Divide and conquer. Split up your problem into many smaller problems and solve each of them.
First problem: turn a paragraph into a list of words.
You are fortunate because you don't have to worry about being perfect. Actually parsing natural languages to determine exactly what "a word" is can be very difficult, but frankly you probably don't really care whether "lightbulb" has the the same semantics as "light bulb". Since you are in particular looking for common words (for now, more on that later) the interesting ones are precisely those that are easy to identify because they come up a lot.
So, break this problem down further. You want a list of words. Start by getting a string with the text in it:
StreamReader streamReader = new StreamReader(@"c:\survey.txt");
string source = streamReader.ReadToEnd();
Great, you've got a string somehow. Now turn that into an array of words. Because you probably want to count "Frog" and "frog" as the same word, make everything lowercase. How to do all that that? Split the lowercase string up based on spaces, newlines, tabs and punctuation:
char[] punctuation = new char[] {' ', '\n', '\r', '\t', '(', ')', '"'};
string[] tokens = source.ToLower().Split(punctuation, true);
Now examine the output. That was terrible. There's all kinds of stuff we forget. Periods and commas and colons and semicolons and so on. Figure out which punctuation you care about and add it to the list.

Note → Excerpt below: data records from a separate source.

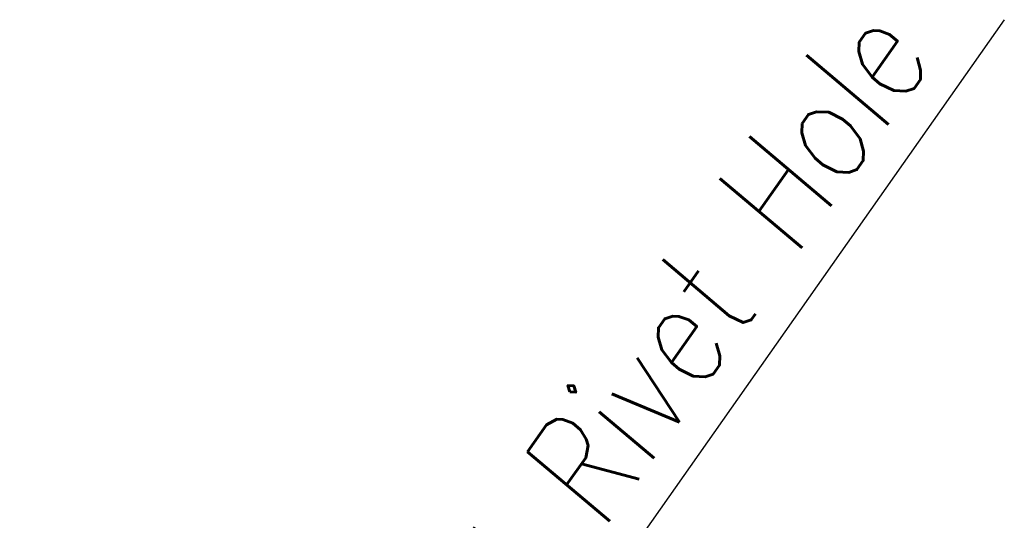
# Model space of a CAD drawing. Header units: millimetres. Extents: x 4497 to 13960, y 12291 to 16372.
# Tile 31 of 217: x 5646 to 5692, y 13910 to 13933. Entities that reach past the tile are written whole.
import ezdxf

# ---------------------------------------------------------------- set-up
doc = ezdxf.new("R2010")
doc.units = ezdxf.units.MM
doc.header["$LTSCALE"] = 0.8
doc.header["$PDMODE"] = 3
doc.header["$PDSIZE"] = 0.3125
doc.layers.get('Defpoints').update_dxf_attribs({"linetype": 'CONTINUOUS', "lineweight": 0})
doc.layers.add('2', color=3, linetype='CONTINUOUS', lineweight=0)
doc.styles.get("Standard").update_dxf_attribs({"font": 'romans.shx', "width": 0.8, "oblique": 5, "bigfont": 'whgtxt.shx'})
doc.dimstyles.get("Standard").update_dxf_attribs({"dimtxt": 2.5, "dimasz": 2.5, "dimexe": 0.8, "dimexo": 0.8, "dimgap": 0.8, "dimtad": 1, "dimdsep": 46, "dimtxsty": 'Standard', "dimcen": 0, "dimclrd": 3, "dimclre": 3, "dimclrt": 3, "dimazin": 0, "dimtp": 0.001, "dimtm": 0.001, "dimtfac": 1, "dimtmove": 0, "dimatfit": 3, "dimfxl": 0, "dimtolj": 1, "dimarcsym": 0})

# ---------------------------------------------------------------- blocks, each defined once
blk = doc.blocks.new('*D13')
at = {"layer": '2', "color": 3, "lineweight": -2}
for p, q in [((5692.319, 13932.863), (5657.012, 13882.648)), ((5652.123, 13875.695), (5654.137, 13878.558)), ((5649.248, 13871.605), (5646.372, 13867.515))]:
    blk.add_line(p, q, dxfattribs=at)
at = {"layer": '2', "color": 3}
for points in [[(5656.331, 13883.128), (5657.694, 13882.169), (5654.137, 13878.558)], [(5648.566, 13872.084), (5649.929, 13871.125), (5652.123, 13875.695)]]:
    blk.add_solid(points, dxfattribs=at)
at = {"layer": 'Defpoints', "color": 0}
for p in [(5654.137, 13878.558), (5652.123, 13875.695)]:
    blk.add_point(p, dxfattribs=at)
at = {"layer": '2', "color": 3, "insert": (5672.749, 13912.159), "char_height": 5, "attachment_point": 5, "rotation": 54.8888}
blk.add_mtext('\\A1;2-∅3.5 Rivet Hole', dxfattribs=at)

msp = doc.modelspace()

# ---------------------------------------------------------------- dimensions: what is measured, and where the dimension line sits
at = {"layer": '2'}
dim = msp.add_diameter_dim_2p(p1=(5652.123, 13875.695), p2=(5654.137, 13878.558), text='2-<> Rivet Hole', dimstyle='Standard', override={"dimscale": 2, "dimazin": 2}, dxfattribs=at)
dim.commit()
dim.dimension.update_dxf_attribs({"geometry": '*D13', "text_midpoint": (5672.749, 13912.159)})

doc.saveas('drawing.dxf')

Is ToLower the right thing to do? What about ToLowerInvariant? There are times you want to stress about it; this isn't one of them. The fact that ToLower doesn't necessarily canoncialize the Turkish lowercase I in a manner that consistently round-trips is unlikely to throw off your summary statistics. We're not going for pinpoint accuracy here. If someone says "luxury-yacht", and someone says "luxury yacht", the former might be one word if you forget to break on hyphens. Who cares? Hyphenated words are unlikely to be in your top ten anyway.
Next problem: count all the occurrences of each word:
var firstPass = new Dictionary<string, int>();
foreach(string token in tokens)
{
if (!firstPass.ContainsKey(token))
firstPass[token] = 1;
else
++firstPass[token];
}
Great. We now have a dictionary that maps words to integers. Trouble is, that's backwards. What you want to know is what are all the words that have the same number of occurrences. A dictionary is a sequence of key/value pairs, so group it:
var groups = from pair in firstPass
group pair.Key by pair.Value;
OK, now we have a sequence of groups of words, each one associated with its count of occurrences. Order it. Remember, the key of the group is the value of the dictionary, the count:
var sorted = from group in groups
orderby group.Key
select group;
And you want the top hundred, let's say:
foreach(var g in sorted.Take(100))
{
Console.WriteLine("Words with count {0}:", g.Key);
foreach(var w in g)
Console.WriteLine(w);
}
And you're done.
Now, is this really what you're interested in? I think it might be more interesting to look for unusual words, or pairs of words. If the words "yacht" and "racing" show up together a lot, not a surprise. If "tomato" and "ketchup" show up a lot together, not surprising. If "tomato" and "racing" start showing up together, then maybe something noteworthy is going on.
That requires much deeper analysis; read up on Bayes' Theorem if that's the sort of thing you're interested in.
Also note that this tracks the raw count of words, not their frequency -- the number of times they appear per thousand words. That might also be an interesting metric to measure: not just how many times did this word appear, period, but how many times did it appear as a percentage of the text.